Sonst ist nichts einfach, Orlandos Stolpern durch die Jahrhunderte arbeitet alle Facetten des Inneren ab, die brutalen Liebesenttäuschung, das Streben nach und verlieren der Macht, die Geilheit, der man ausgeliefert ist. Es ist eine Freude, dem Ensemble beim Einander-Zuspielen der Gefühlsbälle zuzuschauen. 

Wer im „Hamlet“ am Donnerstag gesessen ist, wird trotzdem ums Meckern in einem Punkt nicht herumkommen: Das Aufteilen einer Rolle auf mehrere Ich-Darstellerinnen, die dann das Kaleidoskop der Persönlichkeitscherben spielen – das müsste nicht gleich zwei Mal in drei Premieren sein, es gibt am Theater mehr zu sagen als hier dermaßen willig am Identitätsdiskurs entlangzusegeln.

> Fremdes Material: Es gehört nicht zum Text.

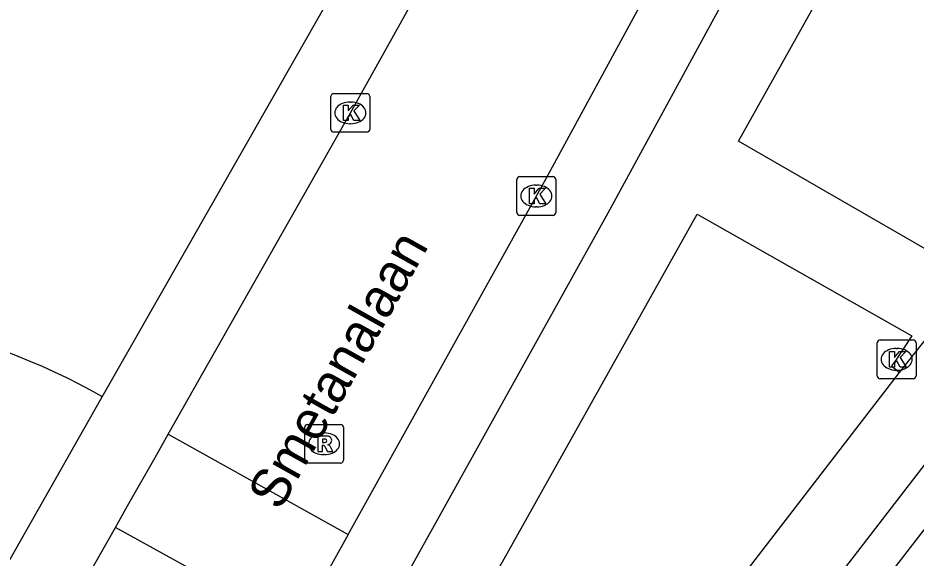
# Model space of a CAD drawing. Extents: x 159040 to 160094, y 381214 to 382518.
# Drawn here: x 159188.7 to 159211.87, y 381534.73 to 381548.68 of the extents above; entities that cross this region are included whole.
import ezdxf

# ---------------------------------------------------------------- set-up
doc = ezdxf.new("R2010")
doc.units = 0
for name, color, linetype in [('IMGEO_Groenvoorziening', 7, 'Continuous'), ('IMGEO_Kolk', 7, 'Continuous'), ('IMGEO_Openbare_ruimte_label', 7, 'Continuous'), ('IMGEO_Pand', 7, 'Continuous'), ('IMGEO_Rijbaan_lokaal_open', 7, 'Continuous'), ('IMGEO_Rioolput', 7, 'Continuous'), ('IMGEO_Voetpad_open', 7, 'Continuous')]:
    doc.layers.add(name, color=color, linetype=linetype)

msp = doc.modelspace()

# ---------------------------------------------------------------- linework, layer by layer
at = {"layer": 'IMGEO_Groenvoorziening'}
msp.add_arc((159182.126, 381523.448), 17.751, 60.4649, 199.9506, dxfattribs=at)
at = {"layer": 'IMGEO_Kolk'}
for p, q in [((159196.775, 381545.799), (159196.775, 381546.651)), ((159196.85, 381546.725), (159197.702, 381546.725)), ((159197.776, 381546.651), (159197.776, 381545.799)), ((159197.263, 381546.505), (159197.288, 381546.505)), ((159197.286, 381545.945), (159197.261, 381545.945)), ((159197.702, 381545.725), (159196.85, 381545.725)), ((159201.574, 381543.652), (159201.574, 381544.504)), ((159201.649, 381544.578), (159202.501, 381544.578)), ((159202.575, 381544.504), (159202.575, 381543.652)), ((159202.062, 381544.358), (159202.087, 381544.358)), ((159202.085, 381543.798), (159202.06, 381543.798)), ((159202.501, 381543.578), (159201.649, 381543.578)), ((159210.945, 381540.36), (159211.797, 381540.36)), ((159210.87, 381539.434), (159210.87, 381540.286)), ((159211.358, 381540.14), (159211.383, 381540.14)), ((159211.871, 381540.286), (159211.871, 381539.434)), ((159211.381, 381539.58), (159211.356, 381539.58)), ((159211.797, 381539.36), (159210.945, 381539.36))]:
    msp.add_line(p, q, dxfattribs=at)
for points in [[(159196.775, 381545.799), (159196.775, 381546.651)], [(159196.85, 381546.725), (159197.702, 381546.725)], [(159197.776, 381546.651), (159197.776, 381545.799)], [(159197.096, 381546.425), (159197.219, 381546.425), (159197.219, 381546.274), (159197.349, 381546.425), (159197.513, 381546.425), (159197.367, 381546.274), (159197.52, 381546.025), (159197.368, 381546.025), (159197.283, 381546.189), (159197.219, 381546.122), (159197.219, 381546.025), (159197.096, 381546.025), (159197.096, 381546.425)], [(159197.702, 381545.725), (159196.85, 381545.725)], [(159201.574, 381543.652), (159201.574, 381544.504)], [(159201.649, 381544.578), (159202.501, 381544.578)], [(159202.575, 381544.504), (159202.575, 381543.652)], [(159201.895, 381544.278), (159202.018, 381544.278), (159202.018, 381544.127), (159202.148, 381544.278), (159202.312, 381544.278), (159202.166, 381544.127), (159202.319, 381543.878), (159202.167, 381543.878), (159202.082, 381544.042), (159202.018, 381543.975), (159202.018, 381543.878), (159201.895, 381543.878), (159201.895, 381544.278)], [(159202.501, 381543.578), (159201.649, 381543.578)], [(159210.945, 381540.36), (159211.797, 381540.36)], [(159210.87, 381539.434), (159210.87, 381540.286)], [(159211.871, 381540.286), (159211.871, 381539.434)], [(159211.191, 381540.06), (159211.314, 381540.06), (159211.314, 381539.909), (159211.444, 381540.06), (159211.608, 381540.06), (159211.462, 381539.909), (159211.615, 381539.66), (159211.463, 381539.66), (159211.378, 381539.824), (159211.314, 381539.757), (159211.314, 381539.66), (159211.191, 381539.66), (159211.191, 381540.06)], [(159211.797, 381539.36), (159210.945, 381539.36)]]:
    msp.add_lwpolyline(points, dxfattribs=at)
for centre, start, end in [((159196.852, 381546.649), 91.552, 178.448), ((159196.852, 381546.649), 91.552, 178.448), ((159197.7, 381546.649), 1.552, 88.448), ((159197.7, 381546.649), 1.552, 88.448), ((159196.852, 381545.801), 181.552, 268.448), ((159196.852, 381545.801), 181.552, 268.448), ((159197.7, 381545.801), 271.552, 358.448), ((159197.7, 381545.801), 271.552, 358.448), ((159201.651, 381544.502), 91.552, 178.448), ((159201.651, 381544.502), 91.552, 178.448), ((159202.499, 381544.502), 1.552, 88.448), ((159202.499, 381544.502), 1.552, 88.448), ((159201.651, 381543.654), 181.552, 268.448), ((159201.651, 381543.654), 181.552, 268.448), ((159202.499, 381543.654), 271.552, 358.448), ((159202.499, 381543.654), 271.552, 358.448), ((159210.947, 381540.284), 91.552, 178.448), ((159210.947, 381540.284), 91.552, 178.448), ((159211.795, 381540.284), 1.552, 88.448), ((159211.795, 381540.284), 1.552, 88.448), ((159210.947, 381539.436), 181.552, 268.448), ((159210.947, 381539.436), 181.552, 268.448), ((159211.795, 381539.436), 271.552, 358.448), ((159211.795, 381539.436), 271.552, 358.448)]:
    msp.add_arc(centre, 0.0765, start, end, dxfattribs=at)
for centre, major_axis, ratio, start_param, end_param in [((159197.262, 381546.225), (-0.387, 0.002), 0.722429, 4.712389, 7.853982), ((159197.287, 381546.225), (-0.39, 0.002), 0.717154, 1.570796, 4.712389), ((159202.061, 381544.078), (-0.387, 0.002), 0.722429, 4.712389, 7.853982), ((159202.086, 381544.078), (-0.39, 0.002), 0.717154, 1.570796, 4.712389), ((159211.357, 381539.86), (-0.387, 0.002), 0.722429, 4.712389, 7.853982), ((159211.382, 381539.86), (-0.39, 0.002), 0.717154, 1.570796, 4.712389)]:
    msp.add_ellipse(centre, major_axis=major_axis, ratio=ratio, start_param=start_param, end_param=end_param, dxfattribs=at)
at = {"layer": 'IMGEO_Pand'}
msp.add_lwpolyline([(159212.574, 381536.106), (159209.143, 381531.656)], dxfattribs=at)
at = {"layer": 'IMGEO_Rijbaan_lokaal_open'}
for points in [[(159197.222, 381535.339), (159202.327, 381544.533), (159207.32, 381553.722), (159210.549, 381559.319)], [(159192.572, 381537.926), (159197.281, 381546.224), (159203.987, 381558.272)], [(159191.214, 381535.521), (159191.522, 381536.074), (159192.27, 381537.381), (159192.572, 381537.926)], [(159192.572, 381537.926), (159197.222, 381535.339)], [(159189.893, 381533.157), (159190.114, 381533.578), (159191.214, 381535.521)], [(159195.889, 381532.938), (159191.214, 381535.521)], [(159197.222, 381535.339), (159195.889, 381532.938)]]:
    msp.add_lwpolyline(points, dxfattribs=at)
at = {"layer": 'IMGEO_Rioolput'}
for p, q in [((159196.097, 381537.252), (159196.097, 381538.104)), ((159196.172, 381538.178), (159197.024, 381538.178)), ((159197.098, 381538.104), (159197.098, 381537.252)), ((159196.585, 381537.958), (159196.61, 381537.958)), ((159196.608, 381537.398), (159196.583, 381537.398)), ((159197.024, 381537.178), (159196.172, 381537.178))]:
    msp.add_line(p, q, dxfattribs=at)
for points in [[(159196.097, 381537.252), (159196.097, 381538.104)], [(159196.172, 381538.178), (159197.024, 381538.178)], [(159197.098, 381538.104), (159197.098, 381537.252)], [(159196.686, 381537.876), (159196.434, 381537.878), (159196.434, 381537.478)], [(159196.612, 381537.797), (159196.558, 381537.797), (159196.558, 381537.716)], [(159196.434, 381537.478), (159196.558, 381537.478), (159196.558, 381537.64), (159196.569, 381537.64)], [(159196.558, 381537.716), (159196.61, 381537.716)], [(159196.616, 381537.611), (159196.687, 381537.478), (159196.827, 381537.478), (159196.762, 381537.604)], [(159197.024, 381537.178), (159196.172, 381537.178)]]:
    msp.add_lwpolyline(points, dxfattribs=at)
for centre, radius, start, end in [((159196.174, 381538.102), 0.0765, 91.552, 178.448), ((159196.174, 381538.102), 0.0765, 91.552, 178.448), ((159197.022, 381538.102), 0.0765, 1.552, 88.448), ((159197.022, 381538.102), 0.0765, 1.552, 88.448), ((159196.618, 381537.701), 0.0964, 77.0061, 93.1865), ((159196.632, 381537.758), 0.0378, 276.6634, 79.6772), ((159196.685, 381537.766), 0.109, 350.3612, 89.416), ((159196.568, 381537.587), 0.0533, 26.0293, 88.6989), ((159196.594, 381537.905), 0.19, 274.7715, 282.9687), ((159196.683, 381537.766), 0.112, 277.5842, 350.9817), ((159196.667, 381537.551), 0.108, 29.5134, 73.7905), ((159196.174, 381537.254), 0.0765, 181.552, 268.448), ((159196.174, 381537.254), 0.0765, 181.552, 268.448), ((159197.022, 381537.254), 0.0765, 271.552, 358.448), ((159197.022, 381537.254), 0.0765, 271.552, 358.448)]:
    msp.add_arc(centre, radius, start, end, dxfattribs=at)
for centre, major_axis, ratio, start_param, end_param in [((159196.584, 381537.678), (-0.387, 0.002), 0.722429, 4.712389, 7.853982), ((159196.609, 381537.678), (-0.39, 0.002), 0.717154, 1.570796, 4.712389)]:
    msp.add_ellipse(centre, major_axis=major_axis, ratio=ratio, start_param=start_param, end_param=end_param, dxfattribs=at)
at = {"layer": 'IMGEO_Voetpad_open'}
for points in [[(159213.388, 381541.973), (159207.287, 381545.497), (159215.578, 381560.327), (159215.764, 381560.612)], [(159212.41, 381558.977), (159212.162, 381558.46), (159208.914, 381552.829), (159203.917, 381543.633), (159194.753, 381527.128), (159186.552, 381512.755), (159185.268, 381510.556)], [(159192.033, 381511.095), (159225.401, 381554.424)], [(159190.876, 381538.892), (159196.616, 381548.975)], [(159201.832, 381527.029), (159198.115, 381529.116), (159206.227, 381543.609), (159211.764, 381540.468), (159211.37, 381539.861), (159211.235, 381539.689), (159211.449, 381539.519)], [(159211.449, 381539.519), (159213.388, 381541.973)], [(159201.832, 381527.029), (159211.449, 381539.519)], [(159173.453, 381507.955), (159176.296, 381513.115), (159179.604, 381518.88), (159180.292, 381520.169), (159180.696, 381520.785), (159188.162, 381534.124), (159190.876, 381538.892)]]:
    msp.add_lwpolyline(points, dxfattribs=at)

# ---------------------------------------------------------------- texts
at = {"layer": 'IMGEO_Openbare_ruimte_label'}
msp.add_text('Smetanalaan', height=1, rotation=60.7172, dxfattribs=at).set_placement((159195.456, 381535.919))

doc.saveas('drawing.dxf')

Aber egal. „Ich bin ja noch hier“, ruft Orlando am Schluss erstaunt. Stimmt, es hat sich das alles, worum sich der „Orlando“ dreht, ja eher verschärft als gelöst. Man wird noch mehr Produktionen sehen, die eine Rolle auf verschiedene Ichs aufteilen, soll sein. 

Hier jedenfalls: Euphorischer Jubel, der stärkste der drei Eröffnungspremieren Bachmanns.